Assignment
Only the total should be returned: the number of lines in the data that hold the string "stored".

-------------------------

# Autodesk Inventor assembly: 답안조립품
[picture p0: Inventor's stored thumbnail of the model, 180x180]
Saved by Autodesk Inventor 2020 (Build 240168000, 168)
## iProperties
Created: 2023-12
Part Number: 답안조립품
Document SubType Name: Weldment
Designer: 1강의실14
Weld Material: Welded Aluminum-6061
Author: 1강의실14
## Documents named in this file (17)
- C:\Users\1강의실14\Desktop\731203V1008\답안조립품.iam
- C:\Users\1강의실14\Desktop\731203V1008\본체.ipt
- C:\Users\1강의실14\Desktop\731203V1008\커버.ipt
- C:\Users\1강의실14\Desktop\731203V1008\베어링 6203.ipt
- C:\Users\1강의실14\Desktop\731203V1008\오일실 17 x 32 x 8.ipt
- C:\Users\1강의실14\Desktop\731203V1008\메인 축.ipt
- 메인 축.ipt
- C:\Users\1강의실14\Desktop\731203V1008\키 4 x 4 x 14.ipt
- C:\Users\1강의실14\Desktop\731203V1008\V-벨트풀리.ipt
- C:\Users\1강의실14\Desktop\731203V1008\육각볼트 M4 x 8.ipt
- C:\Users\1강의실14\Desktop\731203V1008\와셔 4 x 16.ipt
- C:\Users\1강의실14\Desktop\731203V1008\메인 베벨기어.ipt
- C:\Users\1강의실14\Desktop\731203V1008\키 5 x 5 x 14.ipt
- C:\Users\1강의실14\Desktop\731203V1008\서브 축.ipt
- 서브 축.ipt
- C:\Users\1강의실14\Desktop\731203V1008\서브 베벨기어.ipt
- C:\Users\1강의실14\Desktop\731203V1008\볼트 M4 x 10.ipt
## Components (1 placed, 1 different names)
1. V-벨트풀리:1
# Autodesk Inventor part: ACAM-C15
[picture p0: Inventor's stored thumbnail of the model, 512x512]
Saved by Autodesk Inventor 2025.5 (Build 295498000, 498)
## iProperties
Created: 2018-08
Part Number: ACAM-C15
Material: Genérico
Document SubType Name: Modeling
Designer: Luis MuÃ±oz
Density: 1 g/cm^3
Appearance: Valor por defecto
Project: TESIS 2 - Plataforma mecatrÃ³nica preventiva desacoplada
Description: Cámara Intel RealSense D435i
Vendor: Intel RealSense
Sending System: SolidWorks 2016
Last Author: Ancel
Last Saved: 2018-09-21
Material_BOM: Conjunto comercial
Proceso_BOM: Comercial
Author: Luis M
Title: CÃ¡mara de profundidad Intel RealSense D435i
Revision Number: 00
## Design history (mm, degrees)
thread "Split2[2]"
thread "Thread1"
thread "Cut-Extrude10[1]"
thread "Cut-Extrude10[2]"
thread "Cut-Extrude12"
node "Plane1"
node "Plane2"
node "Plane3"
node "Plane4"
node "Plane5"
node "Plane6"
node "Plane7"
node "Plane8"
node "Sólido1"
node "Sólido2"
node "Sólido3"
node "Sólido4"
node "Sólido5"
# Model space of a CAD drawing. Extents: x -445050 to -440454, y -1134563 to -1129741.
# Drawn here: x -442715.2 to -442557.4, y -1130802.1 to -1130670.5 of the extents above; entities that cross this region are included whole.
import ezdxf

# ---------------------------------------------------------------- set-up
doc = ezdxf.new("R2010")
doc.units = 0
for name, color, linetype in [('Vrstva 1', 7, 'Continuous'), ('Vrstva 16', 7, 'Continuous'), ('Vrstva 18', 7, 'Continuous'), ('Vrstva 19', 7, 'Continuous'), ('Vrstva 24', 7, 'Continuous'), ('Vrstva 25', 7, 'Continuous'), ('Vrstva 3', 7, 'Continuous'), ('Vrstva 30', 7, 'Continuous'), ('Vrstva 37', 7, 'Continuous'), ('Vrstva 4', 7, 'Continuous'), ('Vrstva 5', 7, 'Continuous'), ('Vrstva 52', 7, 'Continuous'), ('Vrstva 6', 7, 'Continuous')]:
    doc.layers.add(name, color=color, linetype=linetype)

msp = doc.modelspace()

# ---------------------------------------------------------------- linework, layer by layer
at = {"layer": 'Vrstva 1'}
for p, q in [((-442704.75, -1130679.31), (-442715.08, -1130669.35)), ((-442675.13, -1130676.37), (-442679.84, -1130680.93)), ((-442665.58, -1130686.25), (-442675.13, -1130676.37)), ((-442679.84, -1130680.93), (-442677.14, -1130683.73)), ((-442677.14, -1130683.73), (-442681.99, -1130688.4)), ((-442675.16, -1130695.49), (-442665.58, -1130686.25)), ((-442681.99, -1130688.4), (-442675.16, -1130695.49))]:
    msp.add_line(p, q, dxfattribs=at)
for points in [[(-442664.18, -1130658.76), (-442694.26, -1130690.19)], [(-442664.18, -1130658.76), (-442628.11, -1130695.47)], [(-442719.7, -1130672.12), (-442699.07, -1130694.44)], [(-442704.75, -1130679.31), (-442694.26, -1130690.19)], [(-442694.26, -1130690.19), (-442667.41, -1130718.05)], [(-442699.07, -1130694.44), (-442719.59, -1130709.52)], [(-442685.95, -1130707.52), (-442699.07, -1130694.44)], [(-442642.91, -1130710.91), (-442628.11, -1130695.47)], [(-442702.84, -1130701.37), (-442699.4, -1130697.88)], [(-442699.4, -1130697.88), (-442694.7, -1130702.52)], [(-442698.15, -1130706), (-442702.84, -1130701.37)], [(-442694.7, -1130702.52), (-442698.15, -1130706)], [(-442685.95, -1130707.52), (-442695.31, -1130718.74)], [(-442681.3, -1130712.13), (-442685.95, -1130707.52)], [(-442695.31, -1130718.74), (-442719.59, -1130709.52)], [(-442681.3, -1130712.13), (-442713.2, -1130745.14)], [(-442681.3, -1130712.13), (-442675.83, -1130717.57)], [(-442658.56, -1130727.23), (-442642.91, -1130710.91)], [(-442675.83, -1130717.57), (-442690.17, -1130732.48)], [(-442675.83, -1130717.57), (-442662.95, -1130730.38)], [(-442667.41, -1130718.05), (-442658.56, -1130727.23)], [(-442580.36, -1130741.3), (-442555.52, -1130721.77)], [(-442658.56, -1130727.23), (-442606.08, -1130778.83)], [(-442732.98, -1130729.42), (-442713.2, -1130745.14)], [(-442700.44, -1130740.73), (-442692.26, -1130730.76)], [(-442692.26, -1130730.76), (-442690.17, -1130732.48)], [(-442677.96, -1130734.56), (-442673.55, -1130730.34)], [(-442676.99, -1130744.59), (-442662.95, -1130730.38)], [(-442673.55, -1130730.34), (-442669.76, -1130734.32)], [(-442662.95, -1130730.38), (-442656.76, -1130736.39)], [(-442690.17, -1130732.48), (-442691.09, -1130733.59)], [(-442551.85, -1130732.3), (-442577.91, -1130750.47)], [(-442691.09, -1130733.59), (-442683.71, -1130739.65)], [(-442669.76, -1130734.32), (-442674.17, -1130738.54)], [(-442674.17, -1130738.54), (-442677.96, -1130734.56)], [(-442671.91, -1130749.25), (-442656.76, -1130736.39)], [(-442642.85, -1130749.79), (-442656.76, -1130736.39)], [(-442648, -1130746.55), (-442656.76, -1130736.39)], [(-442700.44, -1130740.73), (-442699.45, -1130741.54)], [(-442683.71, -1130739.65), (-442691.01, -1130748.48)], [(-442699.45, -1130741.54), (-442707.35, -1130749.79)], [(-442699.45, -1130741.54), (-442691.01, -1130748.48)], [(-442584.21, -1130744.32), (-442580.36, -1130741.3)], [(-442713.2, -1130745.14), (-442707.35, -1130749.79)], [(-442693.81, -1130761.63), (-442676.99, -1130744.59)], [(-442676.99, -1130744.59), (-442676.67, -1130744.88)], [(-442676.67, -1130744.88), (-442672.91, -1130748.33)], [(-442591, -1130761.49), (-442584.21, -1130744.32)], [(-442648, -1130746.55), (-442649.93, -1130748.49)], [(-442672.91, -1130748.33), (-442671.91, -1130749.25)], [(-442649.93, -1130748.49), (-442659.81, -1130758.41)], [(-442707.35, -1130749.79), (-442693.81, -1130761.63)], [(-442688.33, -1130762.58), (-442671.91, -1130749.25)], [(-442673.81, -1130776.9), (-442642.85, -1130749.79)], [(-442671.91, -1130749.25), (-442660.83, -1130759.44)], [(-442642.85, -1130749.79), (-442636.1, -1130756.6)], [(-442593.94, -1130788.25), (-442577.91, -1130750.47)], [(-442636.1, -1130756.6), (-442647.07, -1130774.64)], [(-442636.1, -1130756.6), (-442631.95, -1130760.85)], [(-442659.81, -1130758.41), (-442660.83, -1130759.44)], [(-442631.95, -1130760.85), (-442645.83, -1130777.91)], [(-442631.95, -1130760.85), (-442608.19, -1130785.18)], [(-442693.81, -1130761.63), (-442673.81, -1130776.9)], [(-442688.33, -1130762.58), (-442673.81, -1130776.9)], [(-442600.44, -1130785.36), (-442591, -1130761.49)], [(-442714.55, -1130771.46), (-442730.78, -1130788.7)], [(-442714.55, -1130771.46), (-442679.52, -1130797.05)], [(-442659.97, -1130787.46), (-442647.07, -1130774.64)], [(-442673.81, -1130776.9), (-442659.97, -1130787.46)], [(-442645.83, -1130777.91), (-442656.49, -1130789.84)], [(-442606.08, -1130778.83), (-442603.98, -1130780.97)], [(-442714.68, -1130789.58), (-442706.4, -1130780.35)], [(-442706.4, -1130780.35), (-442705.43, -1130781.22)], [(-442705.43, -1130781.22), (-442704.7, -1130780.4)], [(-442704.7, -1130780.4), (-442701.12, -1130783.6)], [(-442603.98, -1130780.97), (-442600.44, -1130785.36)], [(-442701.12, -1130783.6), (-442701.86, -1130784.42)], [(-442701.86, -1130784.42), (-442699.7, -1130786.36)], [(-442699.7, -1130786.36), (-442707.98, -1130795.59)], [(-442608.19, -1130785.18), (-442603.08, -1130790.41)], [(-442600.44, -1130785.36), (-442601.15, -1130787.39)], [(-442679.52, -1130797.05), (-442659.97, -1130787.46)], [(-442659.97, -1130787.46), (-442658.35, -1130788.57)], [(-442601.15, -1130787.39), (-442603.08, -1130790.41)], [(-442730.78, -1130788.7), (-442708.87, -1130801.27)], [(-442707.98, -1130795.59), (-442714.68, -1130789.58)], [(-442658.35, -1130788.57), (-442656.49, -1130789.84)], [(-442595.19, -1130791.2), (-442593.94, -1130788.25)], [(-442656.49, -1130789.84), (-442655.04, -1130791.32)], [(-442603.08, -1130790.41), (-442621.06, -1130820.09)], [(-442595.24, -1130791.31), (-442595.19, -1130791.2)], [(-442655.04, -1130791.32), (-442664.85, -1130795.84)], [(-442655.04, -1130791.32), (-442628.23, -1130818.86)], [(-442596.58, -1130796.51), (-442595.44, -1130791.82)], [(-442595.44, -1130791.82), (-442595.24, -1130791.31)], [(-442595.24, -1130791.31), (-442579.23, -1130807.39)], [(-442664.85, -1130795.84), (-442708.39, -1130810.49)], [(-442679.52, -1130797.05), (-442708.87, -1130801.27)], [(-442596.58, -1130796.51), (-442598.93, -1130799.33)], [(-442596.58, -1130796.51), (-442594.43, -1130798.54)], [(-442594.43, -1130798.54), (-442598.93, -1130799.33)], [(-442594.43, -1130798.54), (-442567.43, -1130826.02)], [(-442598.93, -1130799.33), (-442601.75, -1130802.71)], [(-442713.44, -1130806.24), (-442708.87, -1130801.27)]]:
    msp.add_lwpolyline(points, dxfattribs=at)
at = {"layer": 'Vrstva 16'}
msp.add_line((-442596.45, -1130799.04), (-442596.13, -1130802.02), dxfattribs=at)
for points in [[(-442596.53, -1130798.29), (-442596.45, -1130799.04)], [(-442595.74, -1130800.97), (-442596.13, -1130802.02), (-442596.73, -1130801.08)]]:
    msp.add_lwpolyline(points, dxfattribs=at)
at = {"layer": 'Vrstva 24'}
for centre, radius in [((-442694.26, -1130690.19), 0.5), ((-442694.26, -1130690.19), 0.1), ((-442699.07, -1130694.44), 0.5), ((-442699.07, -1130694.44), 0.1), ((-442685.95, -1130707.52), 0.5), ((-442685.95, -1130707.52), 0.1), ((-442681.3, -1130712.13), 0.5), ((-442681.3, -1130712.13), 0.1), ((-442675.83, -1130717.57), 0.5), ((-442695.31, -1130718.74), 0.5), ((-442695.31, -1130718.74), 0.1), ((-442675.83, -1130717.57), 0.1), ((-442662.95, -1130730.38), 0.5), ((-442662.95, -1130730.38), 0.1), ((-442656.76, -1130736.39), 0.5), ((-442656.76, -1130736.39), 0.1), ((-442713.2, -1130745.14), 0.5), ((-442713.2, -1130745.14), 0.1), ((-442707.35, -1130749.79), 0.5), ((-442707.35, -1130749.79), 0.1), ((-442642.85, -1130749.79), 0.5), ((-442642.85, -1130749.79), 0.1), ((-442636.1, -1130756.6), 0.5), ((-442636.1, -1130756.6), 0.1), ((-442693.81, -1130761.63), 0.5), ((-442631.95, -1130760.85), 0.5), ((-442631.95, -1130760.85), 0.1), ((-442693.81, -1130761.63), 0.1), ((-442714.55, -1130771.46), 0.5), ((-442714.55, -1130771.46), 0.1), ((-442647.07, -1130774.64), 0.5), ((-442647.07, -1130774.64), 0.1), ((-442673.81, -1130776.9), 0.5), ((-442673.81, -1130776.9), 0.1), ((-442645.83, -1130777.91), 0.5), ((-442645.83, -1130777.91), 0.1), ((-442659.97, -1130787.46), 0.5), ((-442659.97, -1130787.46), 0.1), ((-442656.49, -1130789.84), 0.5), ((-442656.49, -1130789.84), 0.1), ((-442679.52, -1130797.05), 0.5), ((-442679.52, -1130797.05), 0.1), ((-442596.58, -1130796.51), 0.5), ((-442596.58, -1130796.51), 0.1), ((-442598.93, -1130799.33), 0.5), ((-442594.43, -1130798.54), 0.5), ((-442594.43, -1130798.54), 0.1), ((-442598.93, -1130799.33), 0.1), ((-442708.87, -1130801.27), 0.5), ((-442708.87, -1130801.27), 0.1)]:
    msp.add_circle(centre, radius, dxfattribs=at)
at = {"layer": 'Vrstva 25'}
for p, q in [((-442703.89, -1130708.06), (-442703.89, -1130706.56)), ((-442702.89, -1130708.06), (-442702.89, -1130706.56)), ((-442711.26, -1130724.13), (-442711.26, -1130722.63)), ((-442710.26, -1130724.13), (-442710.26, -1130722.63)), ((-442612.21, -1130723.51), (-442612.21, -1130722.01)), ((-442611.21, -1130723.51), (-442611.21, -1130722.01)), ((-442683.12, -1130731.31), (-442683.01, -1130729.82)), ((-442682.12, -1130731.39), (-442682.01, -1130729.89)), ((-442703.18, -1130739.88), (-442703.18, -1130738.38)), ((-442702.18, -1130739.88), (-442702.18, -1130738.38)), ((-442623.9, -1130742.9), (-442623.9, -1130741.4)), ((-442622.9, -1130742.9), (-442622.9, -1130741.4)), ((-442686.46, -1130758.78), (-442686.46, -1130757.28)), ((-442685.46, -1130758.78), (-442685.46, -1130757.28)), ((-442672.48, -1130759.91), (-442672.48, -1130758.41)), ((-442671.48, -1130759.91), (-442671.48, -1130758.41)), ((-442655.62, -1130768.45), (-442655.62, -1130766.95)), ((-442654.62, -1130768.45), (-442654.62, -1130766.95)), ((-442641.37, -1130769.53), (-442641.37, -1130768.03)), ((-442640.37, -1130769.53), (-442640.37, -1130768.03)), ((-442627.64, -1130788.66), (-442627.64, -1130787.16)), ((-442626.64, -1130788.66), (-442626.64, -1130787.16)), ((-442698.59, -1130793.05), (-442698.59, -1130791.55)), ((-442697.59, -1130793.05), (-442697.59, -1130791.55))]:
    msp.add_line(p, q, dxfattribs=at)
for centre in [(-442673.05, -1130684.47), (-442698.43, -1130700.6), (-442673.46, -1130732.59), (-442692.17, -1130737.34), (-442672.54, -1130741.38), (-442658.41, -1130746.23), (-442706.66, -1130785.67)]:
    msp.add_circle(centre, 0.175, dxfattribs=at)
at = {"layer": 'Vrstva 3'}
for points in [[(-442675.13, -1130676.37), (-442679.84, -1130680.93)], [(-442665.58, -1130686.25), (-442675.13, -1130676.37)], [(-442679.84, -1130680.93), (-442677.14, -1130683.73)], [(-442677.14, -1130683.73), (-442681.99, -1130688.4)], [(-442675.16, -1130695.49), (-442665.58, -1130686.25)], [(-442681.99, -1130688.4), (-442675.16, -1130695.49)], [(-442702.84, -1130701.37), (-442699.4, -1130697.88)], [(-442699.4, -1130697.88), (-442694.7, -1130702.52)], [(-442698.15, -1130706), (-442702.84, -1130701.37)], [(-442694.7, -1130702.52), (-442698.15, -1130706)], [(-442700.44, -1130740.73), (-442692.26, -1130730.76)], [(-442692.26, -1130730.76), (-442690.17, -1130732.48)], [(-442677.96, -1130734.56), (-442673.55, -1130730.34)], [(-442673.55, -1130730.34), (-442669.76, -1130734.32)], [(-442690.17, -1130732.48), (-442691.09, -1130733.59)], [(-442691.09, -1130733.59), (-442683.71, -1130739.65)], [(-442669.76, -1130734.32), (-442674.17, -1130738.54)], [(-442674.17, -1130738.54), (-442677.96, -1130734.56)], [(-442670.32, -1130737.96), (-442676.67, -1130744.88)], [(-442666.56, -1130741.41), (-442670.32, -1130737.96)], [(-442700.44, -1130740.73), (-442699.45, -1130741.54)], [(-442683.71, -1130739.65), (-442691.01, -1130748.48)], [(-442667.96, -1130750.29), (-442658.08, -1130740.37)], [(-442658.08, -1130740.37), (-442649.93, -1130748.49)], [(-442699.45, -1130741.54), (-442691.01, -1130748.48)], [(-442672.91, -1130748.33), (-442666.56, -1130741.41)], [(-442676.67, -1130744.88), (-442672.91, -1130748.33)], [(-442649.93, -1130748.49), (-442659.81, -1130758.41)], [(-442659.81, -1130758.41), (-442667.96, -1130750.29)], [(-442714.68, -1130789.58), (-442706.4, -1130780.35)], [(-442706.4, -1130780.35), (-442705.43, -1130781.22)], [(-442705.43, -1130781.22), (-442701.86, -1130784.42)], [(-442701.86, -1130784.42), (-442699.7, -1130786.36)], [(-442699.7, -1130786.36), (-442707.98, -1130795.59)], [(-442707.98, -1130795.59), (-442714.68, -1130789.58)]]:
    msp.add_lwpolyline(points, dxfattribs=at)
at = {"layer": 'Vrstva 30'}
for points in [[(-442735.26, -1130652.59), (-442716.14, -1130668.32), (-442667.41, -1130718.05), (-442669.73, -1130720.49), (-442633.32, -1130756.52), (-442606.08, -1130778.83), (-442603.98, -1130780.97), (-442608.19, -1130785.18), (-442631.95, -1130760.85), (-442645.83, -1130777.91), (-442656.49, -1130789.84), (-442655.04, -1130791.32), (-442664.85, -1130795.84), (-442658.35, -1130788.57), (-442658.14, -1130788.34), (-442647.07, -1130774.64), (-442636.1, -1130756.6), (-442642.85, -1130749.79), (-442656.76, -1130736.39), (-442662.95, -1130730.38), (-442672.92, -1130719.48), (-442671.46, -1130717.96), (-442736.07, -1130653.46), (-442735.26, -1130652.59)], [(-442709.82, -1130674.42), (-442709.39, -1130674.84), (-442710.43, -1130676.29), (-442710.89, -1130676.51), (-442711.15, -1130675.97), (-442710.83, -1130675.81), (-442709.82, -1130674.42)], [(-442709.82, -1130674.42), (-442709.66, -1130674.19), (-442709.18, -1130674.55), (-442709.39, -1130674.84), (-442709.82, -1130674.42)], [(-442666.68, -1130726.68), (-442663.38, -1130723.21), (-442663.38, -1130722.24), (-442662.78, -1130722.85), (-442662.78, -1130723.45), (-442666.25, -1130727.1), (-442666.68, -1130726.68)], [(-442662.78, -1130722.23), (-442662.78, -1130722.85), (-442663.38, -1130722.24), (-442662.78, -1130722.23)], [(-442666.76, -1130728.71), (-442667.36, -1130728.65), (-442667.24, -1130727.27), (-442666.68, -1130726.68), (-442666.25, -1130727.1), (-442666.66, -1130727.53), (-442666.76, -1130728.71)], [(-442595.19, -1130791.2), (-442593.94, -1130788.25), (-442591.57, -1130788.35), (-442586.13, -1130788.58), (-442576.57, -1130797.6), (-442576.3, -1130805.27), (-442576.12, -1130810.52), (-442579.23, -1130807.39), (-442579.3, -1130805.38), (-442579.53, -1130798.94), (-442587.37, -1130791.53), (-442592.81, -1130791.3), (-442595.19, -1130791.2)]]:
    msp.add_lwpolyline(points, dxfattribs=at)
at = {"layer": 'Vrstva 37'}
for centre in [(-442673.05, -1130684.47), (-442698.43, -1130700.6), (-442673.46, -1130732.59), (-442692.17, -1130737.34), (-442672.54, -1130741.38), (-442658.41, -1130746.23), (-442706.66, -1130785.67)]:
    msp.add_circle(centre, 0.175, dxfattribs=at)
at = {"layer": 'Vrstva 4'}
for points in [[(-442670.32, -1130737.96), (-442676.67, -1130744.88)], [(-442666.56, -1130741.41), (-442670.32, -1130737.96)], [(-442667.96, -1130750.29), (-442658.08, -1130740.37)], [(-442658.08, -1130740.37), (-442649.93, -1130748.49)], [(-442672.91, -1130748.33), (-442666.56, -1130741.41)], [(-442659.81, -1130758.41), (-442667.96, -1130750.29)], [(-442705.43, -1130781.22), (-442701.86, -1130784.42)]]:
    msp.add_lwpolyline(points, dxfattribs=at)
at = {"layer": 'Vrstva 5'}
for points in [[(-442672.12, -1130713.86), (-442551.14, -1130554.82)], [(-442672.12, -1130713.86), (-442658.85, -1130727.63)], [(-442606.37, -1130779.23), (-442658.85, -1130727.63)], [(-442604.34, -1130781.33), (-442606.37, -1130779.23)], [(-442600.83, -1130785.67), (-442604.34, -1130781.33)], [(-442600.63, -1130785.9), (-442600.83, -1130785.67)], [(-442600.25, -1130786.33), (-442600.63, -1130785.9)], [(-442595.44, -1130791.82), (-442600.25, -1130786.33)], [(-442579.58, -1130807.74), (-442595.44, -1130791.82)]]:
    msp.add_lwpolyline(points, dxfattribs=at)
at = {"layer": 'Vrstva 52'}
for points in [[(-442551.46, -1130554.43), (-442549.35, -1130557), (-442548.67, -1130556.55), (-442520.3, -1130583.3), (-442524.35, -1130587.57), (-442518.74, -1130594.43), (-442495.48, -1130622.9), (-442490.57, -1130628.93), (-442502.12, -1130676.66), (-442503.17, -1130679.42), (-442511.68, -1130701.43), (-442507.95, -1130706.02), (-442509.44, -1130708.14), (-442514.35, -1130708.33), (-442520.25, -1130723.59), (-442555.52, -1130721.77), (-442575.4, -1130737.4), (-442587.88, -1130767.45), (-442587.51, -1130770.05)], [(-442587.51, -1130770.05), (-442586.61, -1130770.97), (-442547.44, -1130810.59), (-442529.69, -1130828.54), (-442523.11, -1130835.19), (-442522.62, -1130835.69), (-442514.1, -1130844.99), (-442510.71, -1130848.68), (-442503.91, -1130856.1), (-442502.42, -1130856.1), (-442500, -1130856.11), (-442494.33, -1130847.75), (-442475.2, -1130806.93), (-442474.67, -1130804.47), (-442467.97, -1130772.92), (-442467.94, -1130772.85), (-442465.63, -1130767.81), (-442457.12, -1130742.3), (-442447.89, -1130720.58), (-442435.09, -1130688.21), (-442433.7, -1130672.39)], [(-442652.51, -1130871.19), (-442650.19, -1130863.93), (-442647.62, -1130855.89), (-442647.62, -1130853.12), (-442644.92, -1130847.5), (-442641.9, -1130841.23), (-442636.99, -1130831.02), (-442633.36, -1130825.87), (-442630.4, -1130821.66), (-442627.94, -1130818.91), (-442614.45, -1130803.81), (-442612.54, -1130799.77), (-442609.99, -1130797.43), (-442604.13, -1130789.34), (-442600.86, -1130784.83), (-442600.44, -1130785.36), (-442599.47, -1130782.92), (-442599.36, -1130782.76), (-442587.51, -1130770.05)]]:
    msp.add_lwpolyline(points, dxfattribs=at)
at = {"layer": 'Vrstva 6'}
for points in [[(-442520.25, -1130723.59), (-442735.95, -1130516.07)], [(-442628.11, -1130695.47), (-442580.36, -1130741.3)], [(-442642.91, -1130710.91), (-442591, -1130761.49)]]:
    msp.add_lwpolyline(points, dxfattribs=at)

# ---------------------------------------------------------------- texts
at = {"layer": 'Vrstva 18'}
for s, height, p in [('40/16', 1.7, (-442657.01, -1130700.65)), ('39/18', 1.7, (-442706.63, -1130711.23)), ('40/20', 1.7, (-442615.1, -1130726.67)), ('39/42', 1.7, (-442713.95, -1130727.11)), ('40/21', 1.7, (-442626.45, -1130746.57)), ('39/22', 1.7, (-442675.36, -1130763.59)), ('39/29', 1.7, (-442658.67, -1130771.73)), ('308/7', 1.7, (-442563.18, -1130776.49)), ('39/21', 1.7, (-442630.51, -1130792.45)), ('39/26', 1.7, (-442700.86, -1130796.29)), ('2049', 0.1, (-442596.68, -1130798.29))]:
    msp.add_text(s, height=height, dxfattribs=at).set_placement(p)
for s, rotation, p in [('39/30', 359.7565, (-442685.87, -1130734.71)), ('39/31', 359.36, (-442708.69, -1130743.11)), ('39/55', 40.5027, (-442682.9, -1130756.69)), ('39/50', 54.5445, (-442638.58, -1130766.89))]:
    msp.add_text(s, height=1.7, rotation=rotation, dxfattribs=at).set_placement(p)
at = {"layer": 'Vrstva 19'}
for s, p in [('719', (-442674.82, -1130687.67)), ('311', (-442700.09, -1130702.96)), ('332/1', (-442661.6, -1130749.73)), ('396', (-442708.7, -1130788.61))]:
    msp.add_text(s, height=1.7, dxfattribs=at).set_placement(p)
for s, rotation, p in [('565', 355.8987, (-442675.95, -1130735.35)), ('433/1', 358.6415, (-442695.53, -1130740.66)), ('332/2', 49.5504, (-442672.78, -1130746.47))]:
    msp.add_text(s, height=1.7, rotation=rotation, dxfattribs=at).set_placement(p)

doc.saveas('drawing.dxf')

-------------------------

Solution below
2